Dana Barnett, the CEO of Memorial Hospital of Carbon County, met Mark two years ago. At that time, Mark was chairman of the hospital board.

“Mark is our senior board member and he has been invaluable helping the hospital with some of the issues we have faced over a period of time,” Barnett said. “I think it is fitting we come to honor Mark for his service on the ambulances and he is gone on ambulance call.”

Barnett says Mark’s leadership on the board of trustees was instrumental in the turnaround the hospital has had in recent years.

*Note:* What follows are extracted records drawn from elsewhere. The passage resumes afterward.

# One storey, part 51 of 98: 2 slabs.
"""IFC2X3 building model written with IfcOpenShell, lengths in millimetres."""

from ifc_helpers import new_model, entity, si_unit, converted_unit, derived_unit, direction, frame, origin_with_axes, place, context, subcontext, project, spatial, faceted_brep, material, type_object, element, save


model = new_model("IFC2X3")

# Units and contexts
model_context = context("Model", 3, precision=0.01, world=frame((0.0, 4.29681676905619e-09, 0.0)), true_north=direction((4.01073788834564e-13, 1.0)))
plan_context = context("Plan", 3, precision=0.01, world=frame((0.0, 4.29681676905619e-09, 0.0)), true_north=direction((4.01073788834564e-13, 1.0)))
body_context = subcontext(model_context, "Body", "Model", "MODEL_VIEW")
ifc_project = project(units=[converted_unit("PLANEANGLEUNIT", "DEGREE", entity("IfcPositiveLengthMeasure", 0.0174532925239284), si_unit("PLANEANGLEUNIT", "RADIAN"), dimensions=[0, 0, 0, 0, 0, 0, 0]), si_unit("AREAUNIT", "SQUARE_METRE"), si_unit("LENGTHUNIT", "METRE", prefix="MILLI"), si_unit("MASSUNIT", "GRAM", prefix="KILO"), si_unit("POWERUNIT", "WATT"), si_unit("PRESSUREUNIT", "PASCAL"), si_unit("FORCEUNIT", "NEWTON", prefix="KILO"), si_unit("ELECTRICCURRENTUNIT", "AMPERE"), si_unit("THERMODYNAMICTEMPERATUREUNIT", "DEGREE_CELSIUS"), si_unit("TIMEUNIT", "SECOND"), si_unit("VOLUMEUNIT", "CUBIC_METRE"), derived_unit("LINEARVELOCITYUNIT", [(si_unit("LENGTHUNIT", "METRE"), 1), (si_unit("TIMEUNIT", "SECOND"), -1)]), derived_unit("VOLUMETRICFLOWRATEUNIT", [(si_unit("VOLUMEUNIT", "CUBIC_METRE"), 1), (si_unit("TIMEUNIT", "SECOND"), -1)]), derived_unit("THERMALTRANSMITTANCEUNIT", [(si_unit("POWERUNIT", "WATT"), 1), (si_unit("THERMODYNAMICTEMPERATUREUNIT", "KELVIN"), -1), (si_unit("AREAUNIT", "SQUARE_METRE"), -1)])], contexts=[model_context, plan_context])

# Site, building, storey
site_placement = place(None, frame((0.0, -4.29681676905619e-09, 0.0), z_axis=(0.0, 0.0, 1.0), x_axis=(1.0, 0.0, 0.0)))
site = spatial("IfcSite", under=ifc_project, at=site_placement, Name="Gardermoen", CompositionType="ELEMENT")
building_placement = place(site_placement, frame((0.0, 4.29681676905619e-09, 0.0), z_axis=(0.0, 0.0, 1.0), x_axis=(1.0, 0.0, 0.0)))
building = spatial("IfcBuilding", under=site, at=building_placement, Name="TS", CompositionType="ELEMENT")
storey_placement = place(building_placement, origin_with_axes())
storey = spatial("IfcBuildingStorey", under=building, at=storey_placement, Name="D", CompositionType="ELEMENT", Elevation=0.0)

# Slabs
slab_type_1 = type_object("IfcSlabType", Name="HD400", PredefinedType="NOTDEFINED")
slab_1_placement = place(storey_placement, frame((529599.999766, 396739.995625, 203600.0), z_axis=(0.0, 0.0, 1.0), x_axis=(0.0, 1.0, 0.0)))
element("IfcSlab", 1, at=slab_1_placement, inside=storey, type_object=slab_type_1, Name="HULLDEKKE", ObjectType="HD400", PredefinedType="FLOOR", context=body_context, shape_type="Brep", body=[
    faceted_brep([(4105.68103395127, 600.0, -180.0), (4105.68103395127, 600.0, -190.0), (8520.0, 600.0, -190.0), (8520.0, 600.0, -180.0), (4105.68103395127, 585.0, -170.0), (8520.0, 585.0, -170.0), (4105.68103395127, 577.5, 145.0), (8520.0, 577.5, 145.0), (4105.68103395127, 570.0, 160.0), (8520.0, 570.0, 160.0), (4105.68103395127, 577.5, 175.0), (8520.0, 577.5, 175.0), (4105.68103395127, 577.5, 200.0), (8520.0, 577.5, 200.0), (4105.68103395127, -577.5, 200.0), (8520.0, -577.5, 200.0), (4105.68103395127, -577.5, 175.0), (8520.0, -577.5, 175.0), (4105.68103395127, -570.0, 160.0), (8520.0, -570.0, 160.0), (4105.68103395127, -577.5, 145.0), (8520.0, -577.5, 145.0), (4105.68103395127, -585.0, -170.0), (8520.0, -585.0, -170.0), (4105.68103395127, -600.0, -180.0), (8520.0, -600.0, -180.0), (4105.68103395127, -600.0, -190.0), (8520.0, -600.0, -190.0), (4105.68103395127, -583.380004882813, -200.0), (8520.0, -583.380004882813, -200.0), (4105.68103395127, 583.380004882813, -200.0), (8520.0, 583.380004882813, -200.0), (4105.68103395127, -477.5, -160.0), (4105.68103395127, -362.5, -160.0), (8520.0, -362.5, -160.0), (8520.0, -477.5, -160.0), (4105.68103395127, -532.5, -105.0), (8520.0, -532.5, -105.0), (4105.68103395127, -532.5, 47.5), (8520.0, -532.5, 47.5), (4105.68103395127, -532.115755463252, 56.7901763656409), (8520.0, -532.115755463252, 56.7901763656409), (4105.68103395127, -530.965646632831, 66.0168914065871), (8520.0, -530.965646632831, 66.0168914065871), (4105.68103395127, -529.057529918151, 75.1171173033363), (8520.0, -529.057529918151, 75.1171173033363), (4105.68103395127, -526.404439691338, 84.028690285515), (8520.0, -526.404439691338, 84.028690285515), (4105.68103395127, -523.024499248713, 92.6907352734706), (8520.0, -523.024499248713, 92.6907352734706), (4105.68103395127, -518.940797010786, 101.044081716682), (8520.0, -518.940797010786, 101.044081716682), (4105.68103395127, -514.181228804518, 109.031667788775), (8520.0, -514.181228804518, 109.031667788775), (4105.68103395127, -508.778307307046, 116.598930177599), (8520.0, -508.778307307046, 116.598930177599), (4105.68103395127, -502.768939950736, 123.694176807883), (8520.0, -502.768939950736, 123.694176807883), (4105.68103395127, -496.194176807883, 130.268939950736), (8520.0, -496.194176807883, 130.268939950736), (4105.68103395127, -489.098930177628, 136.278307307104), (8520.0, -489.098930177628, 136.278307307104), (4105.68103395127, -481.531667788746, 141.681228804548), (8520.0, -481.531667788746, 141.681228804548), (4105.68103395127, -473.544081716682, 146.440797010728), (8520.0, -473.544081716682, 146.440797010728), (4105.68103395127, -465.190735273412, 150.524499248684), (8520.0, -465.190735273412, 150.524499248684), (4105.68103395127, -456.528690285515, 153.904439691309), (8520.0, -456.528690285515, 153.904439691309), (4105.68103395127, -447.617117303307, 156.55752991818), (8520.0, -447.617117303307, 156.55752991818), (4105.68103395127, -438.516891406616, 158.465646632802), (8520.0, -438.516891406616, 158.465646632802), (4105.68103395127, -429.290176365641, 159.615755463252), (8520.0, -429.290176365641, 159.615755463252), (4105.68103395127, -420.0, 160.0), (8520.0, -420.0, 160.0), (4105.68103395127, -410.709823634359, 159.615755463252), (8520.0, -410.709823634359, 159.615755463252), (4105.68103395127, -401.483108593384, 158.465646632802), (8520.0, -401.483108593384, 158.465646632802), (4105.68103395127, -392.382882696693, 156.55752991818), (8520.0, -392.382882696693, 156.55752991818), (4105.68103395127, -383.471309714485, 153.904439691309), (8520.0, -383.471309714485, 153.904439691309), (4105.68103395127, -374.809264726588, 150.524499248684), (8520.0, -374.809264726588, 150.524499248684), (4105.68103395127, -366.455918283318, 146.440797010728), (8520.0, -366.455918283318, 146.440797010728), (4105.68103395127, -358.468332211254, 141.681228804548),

“The hospital was going through dire times seven or eight years ago with financial issues and Mark made a significant contribution in helping getting things right,” Barnett said. “Not because he was paid—because it is volunteer—but because he really cares and I can say his years of service are invaluable.”

Pipher said joining SCWEMS can be important on not only going out on calls, but also when if you can come upon an accident.

Pipher said on June 19, 2017 she came upon an accident on Battle Pass that involved two crashed vehicles on fire.

Pipher was able to use her training to coordinate with non-English-speaking people at the crash site to ultimately save one of the six crash victims.

Pipher said one of the first people she called once she got home was Mark. She said his compassion for what she had gone through was essential to face the fact she could not save the other victims. He made her see she had made a difference at the scene.

“Had I not had the training, I really don’t know what the outcome would have been,” Pipher concluded.

“We have a great ambulance service in all five stations, and people should never hesitate to call us because we have excellent people trained ready to go out on calls,” Mark said. “These people work really hard to make SCWEMS what it is. and as we have new personnel join, it is great to pass on all the training.”

Teaching and mentoring aside, Mark is known by some at the ceremony for his commitment to the Carbon County community in general.

“I have known Mark for 26 years and I have enjoyed knowing him because it is always good to have people who get involved in their community,” Lavonne Tlustos, a long term Hanna resident said. “I am hoping he will be around for many more years to help, because we need people like him.”